Last update: Dec 11, 2025

For investors aiming to create a portfolio centered on producing passive income, a disciplined screening process is necessary. A typical approach includes looking past only a high present yield to identify companies with maintainable payouts. This frequently means selecting for stocks that have not just a good dividend profile but also show sound basic business condition and earnings power. A stock that meets this kind of multi-layered screen indicates its dividend is supported by a durable business, possibly providing a steadier income flow over many years. One company that recently appeared from this type of method is Robert Half Inc (NYSE:RHI), a worldwide supplier of talent solutions and business consulting.

Robert Half Inc. office building

A Notable Dividend Profile

The main attraction of RHI for income-oriented investors is its strong dividend traits, which are reflected in its high ChartMill Dividend Rating of 8 out of 10. An examination of the fundamental analysis report shows the principal positives:

  • Appealing Yield: The stock now provides a yearly dividend yield of 8.80%, which is much greater than both the S&P 500 average (about 2.31%) and the professional services industry average (4.12%). It is in the highest group of its sector for yield.
  • Steady and Increasing Payout: The company has built a reliable history, having paid and raised its dividend for at least 10 straight years. Also, the dividend has risen at a notable yearly rate of 11.32% over the last five years, showing a dedication to giving more capital back to shareholders as time passes.
  • Future Sustainability Question: A key point for investors is the present payout ratio, which is at 150.26% of net income. This is a warning sign, showing the company is distributing more in dividends than it made in the last twelve months. Still, the analysis adds that earnings are expected to rise quicker than the dividend in the next few years, which might return this ratio to a more maintainable point if those predictions happen.

This mix of high yield, steady increase, and a long record is precisely what dividend investors look for, as it indicates a company that values shareholder returns.

Basis of Earnings Power and Financial Condition

A high dividend yield can occasionally be a pitfall, indicating a troubled company whose stock price has fallen sharply. So, the screening rules needing "acceptable earnings power and condition" are key protections. RHI’s scores in these areas give assurance that the dividend is not a final effort.

Earnings Power (Rating: 6/10): While not outstanding, RHI’s earnings power rating is acceptable. The company has been profitable with positive operating cash flow each year for the past five years. Important return measures like Return on Assets and the three-year average Return on Invested Capital are higher than industry averages. It is necessary to recognize recent strain, as both profit and operating margins have fallen in the last couple of years, showing a harder setting for the staffing industry. This background is important for understanding the high payout ratio noted before.

Financial Condition (Rating: 8/10): This is where RHI stands out and offers a major safety buffer for dividend investors. The company is in very good financial state, with a notable trait being no outstanding debt. This removes interest cost and default danger, providing the company great adaptability.
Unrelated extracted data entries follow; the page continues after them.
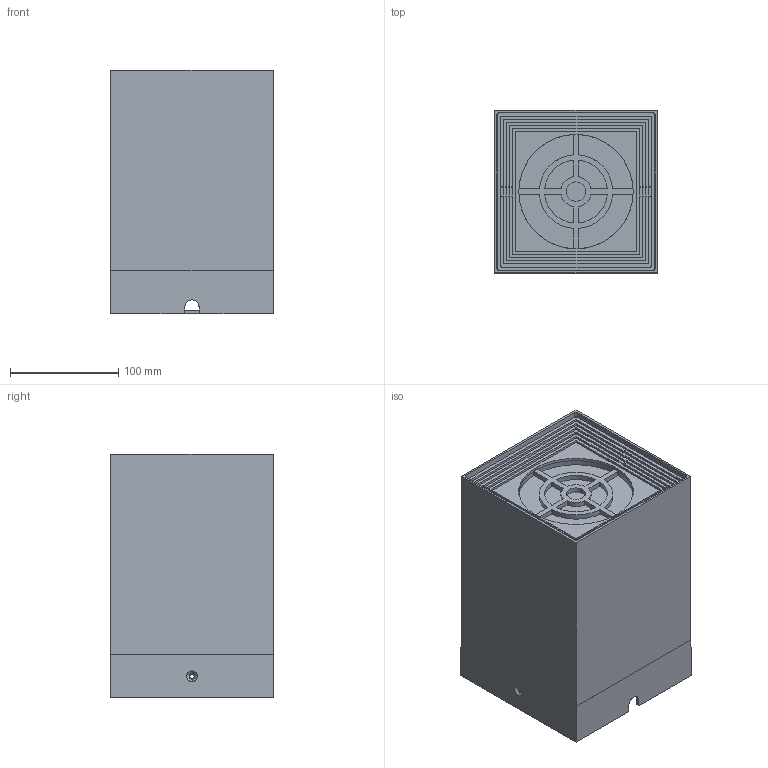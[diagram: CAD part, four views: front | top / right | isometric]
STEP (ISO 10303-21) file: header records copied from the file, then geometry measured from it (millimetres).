
FILE_DESCRIPTION((''),'2;1');
FILE_NAME('8XH___ASM','2024-11-23T',('C028'),(''),'CREO PARAMETRIC BY PTC INC, 2014190','CREO PARAMETRIC BY PTC INC, 2014190','');
FILE_SCHEMA(('CONFIG_CONTROL_DESIGN'));
Products named in the file (33): 8VADT_1_1__; BDDZ_24_1__; 7VANEIGAI_2_6_1__; 7VAUXINGDG_10_8_1__; SCREW-M12_1_19__; XINGUIJIAO_15__; GUIJIAOSAI-005_9__; LUOMUZUJIAN_ASM_15___ASM; M14___ASM; SAN_RE_KUAI__; B57_3D_BIG_1_4__; LENS-BIG_1_4__; SANRELVBAN-160_1_4__; B57-108_COB__2__; 2UA_0611__; B57_ASM_1_ASM_4___ASM; B57_ASM___ASM; 10-1__; 10-2__; 10-3__; 10-4__; 10-5__; 10-7__; 10-8__; 10-10__; LNTC40WXXXLRP__; 3BJ____-11979_3__; ZHI_JIA_22__; HEP__; 10-11__; QI_FA; 8XH_ASM_2_ASM_1___ASM; 8XH___ASM
Assembly tree (33 placements, depth 5):
  8XH___ASM
    8XH_ASM_2_ASM_1___ASM
      8VADT_1_1__
      BDDZ_24_1__
      7VANEIGAI_2_6_1__
      7VAUXINGDG_10_8_1__
      M14___ASM
        LUOMUZUJIAN_ASM_15___ASM
          SCREW-M12_1_19__
          XINGUIJIAO_15__
          GUIJIAOSAI-005_9__
      SAN_RE_KUAI__
      B57_ASM___ASM
        B57_ASM_1_ASM_4___ASM
          B57_3D_BIG_1_4__
          LENS-BIG_1_4__
          SANRELVBAN-160_1_4__
          B57-108_COB__2__
          2UA_0611__
      10-1__
      10-2__
      10-3__
      10-4__
      10-5__
      10-7__
      10-8__
      10-10__  x2
      LNTC40WXXXLRP__
      3BJ____-11979_3__
      ZHI_JIA_22__
      HEP__
      10-11__
      QI_FA
Bounding box: 150.7 x 150.7 x 225 mm (x, y, z)
Volume: 1518920.6 mm3; surface area: 858060.5 mm2
Topology: 28 solids, 28 shells, 4005 faces, 11048 edges, 7199 vertices
Faces by surface type: plane 2494, cylinder 852, cone 324, bspline 166, torus 103, sphere 38, extrusion 28
Entity records: 133773 total; most frequent: CARTESIAN_POINT 33795, ORIENTED_EDGE 21306, DIRECTION 19922, EDGE_CURVE 10653, VECTOR 7422, LINE 7394, VERTEX_POINT 6945, AXIS2_PLACEMENT_3D 6250

Also, it has been steadily lowering its share count over recent years, which is an action favorable to shareholders that can increase earnings per share with time. Liquidity ratios are standard and sound, showing no immediate ability-to-pay worries.

Price and Increase Background

From a price standpoint, RHI seems fairly valued compared to its market and industry. Its Price-to-Earnings and Price-to-Forward-Earnings ratios are lower than the wider S&P 500 and most of its industry competitors. Its Price-to-Free-Cash-Flow ratio is especially appealing. This implies the market has already accounted for recent earnings difficulties.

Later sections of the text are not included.